[Recorded data Boundary: Start]
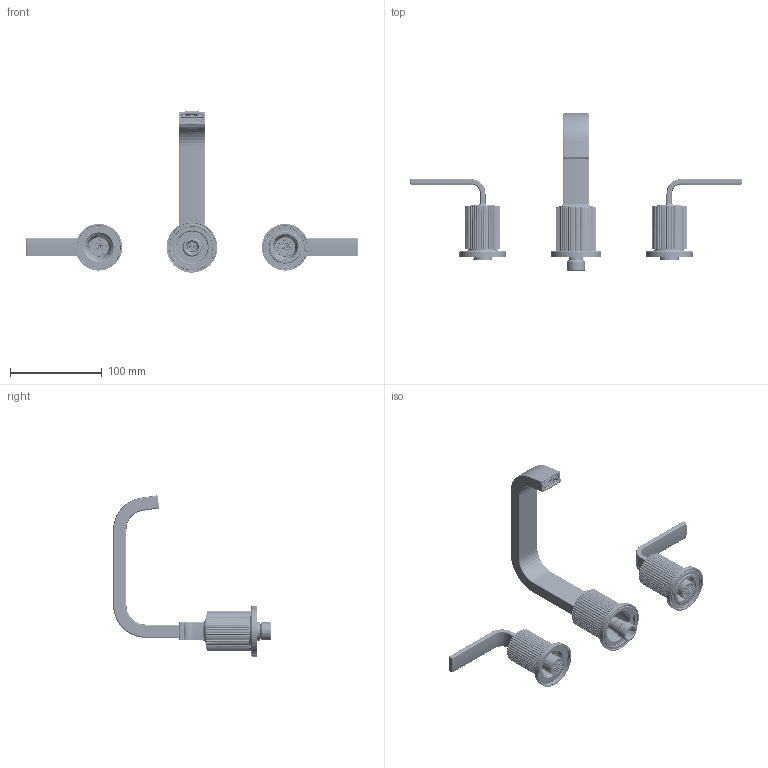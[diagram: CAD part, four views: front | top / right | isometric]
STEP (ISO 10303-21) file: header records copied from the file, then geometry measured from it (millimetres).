
FILE_DESCRIPTION (( 'STEP AP203' ), '1' );
FILE_NAME ('sku_tvs5758series_stp.STEP', '2026-01-23T07:26:33', ( '' ), ( '' ), 'SwSTEP 2.0', 'SolidWorks 2025', '' );
FILE_SCHEMA (( 'CONFIG_CONTROL_DESIGN' ));
Length unit declared in the file: inch
Products named in the file (20): 216045SERIES_Part1_Part62; 122184_122184_BREP_Part65; 216043SERIES_216043SERIES_Part6; 139864_139864_Part2; 216051SERIES_Part4_Part69; 113604_113604_Part66; 1011355XX_Assem1; DUP_207894_DUP_207894_Assem11; 180354_180354_Part3; 99933_99933_BREP_Part13; 216050SERIES_Part1_Part68; sku_tvs5758series_stp; DUP_200847_Part8_Part56; 1001399XX_6695_ws_spout_9mm_Part1; 1011343SERIES_Assem2; 219401_02.3243.0 NEOPERL 24.5 X 9_Part4; 216044SERIES_216044SERIES_Part5; 114695_114695_BREP_Part63; 114694_114694_BREP_Part64; 122759_122759_Part7
Assembly tree (27 placements, depth 3):
  sku_tvs5758series_stp
    1011355XX_Assem1
      1001399XX_6695_ws_spout_9mm_Part1
      139864_139864_Part2
      180354_180354_Part3
      219401_02.3243.0 NEOPERL 24.5 X 9_Part4
    1011343SERIES_Assem2  x2
      216044SERIES_216044SERIES_Part5
      216043SERIES_216043SERIES_Part6
      122759_122759_Part7
    DUP_207894_DUP_207894_Assem11
      DUP_200847_Part8_Part56
    99933_99933_BREP_Part13
    216045SERIES_Part1_Part62  x2
    114695_114695_BREP_Part63  x4
    114694_114694_BREP_Part64  x2
    122184_122184_BREP_Part65  x2
    113604_113604_Part66  x2
    216050SERIES_Part1_Part68
    216051SERIES_Part4_Part69
Bounding box: 361.95 x 171.82 x 175.81 mm (x, y, z)
Volume: 202214.7 mm3; surface area: 150218.4 mm2
Topology: 31 solids, 31 shells, 6923 faces, 18302 edges, 11345 vertices
Faces by surface type: cylinder 2389, plane 1829, bspline 1247, torus 888, cone 434, sphere 136
Entity records: 224692 total; most frequent: CARTESIAN_POINT 99534, ORIENTED_EDGE 27910, DIRECTION 22773, EDGE_CURVE 13955, AXIS2_PLACEMENT_3D 8726, VERTEX_POINT 8688, EDGE_LOOP 5893, FACE_OUTER_BOUND 5378
[Recorded data Boundary: End]
> About this exercise: Would you please return all lines of the data that include the word "records"?

> Expected answer:
STEP (ISO 10303-21) file: header records copied from the file, then geometry measured from it (millimetres).
Entity records: 224692 total; most frequent: CARTESIAN_POINT 99534, ORIENTED_EDGE 27910, DIRECTION 22773, EDGE_CURVE 13955, AXIS2_PLACEMENT_3D 8726, VERTEX_POINT 8688, EDGE_LOOP 5893, FACE_OUTER_BOUND 5378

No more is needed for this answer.